PROBLEM STATEMENT: Scan the entries below. List each line with "file".

SOURCE MATERIAL:
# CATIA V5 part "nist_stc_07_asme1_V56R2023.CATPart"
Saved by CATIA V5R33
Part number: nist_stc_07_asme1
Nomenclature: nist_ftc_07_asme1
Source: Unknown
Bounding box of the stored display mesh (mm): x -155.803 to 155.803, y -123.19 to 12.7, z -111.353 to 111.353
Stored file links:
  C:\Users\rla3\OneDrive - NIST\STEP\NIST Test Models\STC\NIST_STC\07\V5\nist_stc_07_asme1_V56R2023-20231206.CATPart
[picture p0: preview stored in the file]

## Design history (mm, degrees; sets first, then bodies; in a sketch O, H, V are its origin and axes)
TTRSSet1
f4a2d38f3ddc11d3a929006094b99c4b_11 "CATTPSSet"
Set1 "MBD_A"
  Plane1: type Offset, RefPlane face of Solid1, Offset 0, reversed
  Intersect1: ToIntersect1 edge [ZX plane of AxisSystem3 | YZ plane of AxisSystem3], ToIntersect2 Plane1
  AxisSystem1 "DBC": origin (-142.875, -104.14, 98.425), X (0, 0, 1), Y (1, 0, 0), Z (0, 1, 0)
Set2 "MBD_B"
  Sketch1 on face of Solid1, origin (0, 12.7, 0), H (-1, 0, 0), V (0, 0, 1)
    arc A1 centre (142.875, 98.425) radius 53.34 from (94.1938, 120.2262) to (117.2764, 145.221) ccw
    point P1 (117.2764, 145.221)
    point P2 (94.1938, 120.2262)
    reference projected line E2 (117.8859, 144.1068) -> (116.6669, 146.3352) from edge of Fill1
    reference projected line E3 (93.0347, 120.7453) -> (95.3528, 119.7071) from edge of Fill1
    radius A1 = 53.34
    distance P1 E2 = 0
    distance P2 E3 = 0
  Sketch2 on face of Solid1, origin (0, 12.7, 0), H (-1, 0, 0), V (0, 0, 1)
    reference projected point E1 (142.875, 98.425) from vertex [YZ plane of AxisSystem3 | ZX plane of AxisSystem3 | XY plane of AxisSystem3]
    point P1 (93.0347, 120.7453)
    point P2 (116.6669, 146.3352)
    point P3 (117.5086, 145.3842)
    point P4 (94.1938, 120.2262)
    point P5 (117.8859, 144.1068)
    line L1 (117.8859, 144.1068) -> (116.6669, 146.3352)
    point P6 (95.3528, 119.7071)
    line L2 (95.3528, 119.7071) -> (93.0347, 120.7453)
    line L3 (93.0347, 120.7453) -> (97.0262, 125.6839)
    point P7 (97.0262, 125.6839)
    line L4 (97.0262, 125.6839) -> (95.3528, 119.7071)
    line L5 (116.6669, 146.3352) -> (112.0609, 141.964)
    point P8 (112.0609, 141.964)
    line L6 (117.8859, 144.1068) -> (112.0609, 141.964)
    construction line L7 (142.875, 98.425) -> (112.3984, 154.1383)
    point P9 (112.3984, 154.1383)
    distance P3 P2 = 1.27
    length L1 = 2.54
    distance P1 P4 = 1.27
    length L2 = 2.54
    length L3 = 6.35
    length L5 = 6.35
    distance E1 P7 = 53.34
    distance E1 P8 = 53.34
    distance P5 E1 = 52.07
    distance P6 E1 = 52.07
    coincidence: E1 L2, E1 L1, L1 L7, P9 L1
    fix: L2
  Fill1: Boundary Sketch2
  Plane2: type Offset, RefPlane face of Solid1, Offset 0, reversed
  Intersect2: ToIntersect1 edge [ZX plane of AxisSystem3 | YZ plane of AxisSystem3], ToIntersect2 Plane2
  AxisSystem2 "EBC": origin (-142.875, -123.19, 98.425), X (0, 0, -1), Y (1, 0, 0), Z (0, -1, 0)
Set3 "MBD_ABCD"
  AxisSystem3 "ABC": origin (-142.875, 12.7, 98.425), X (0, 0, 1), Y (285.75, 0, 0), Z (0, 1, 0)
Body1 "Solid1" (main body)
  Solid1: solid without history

YOUR SOLUTION:
Stored file links:
[picture p0: preview stored in the file]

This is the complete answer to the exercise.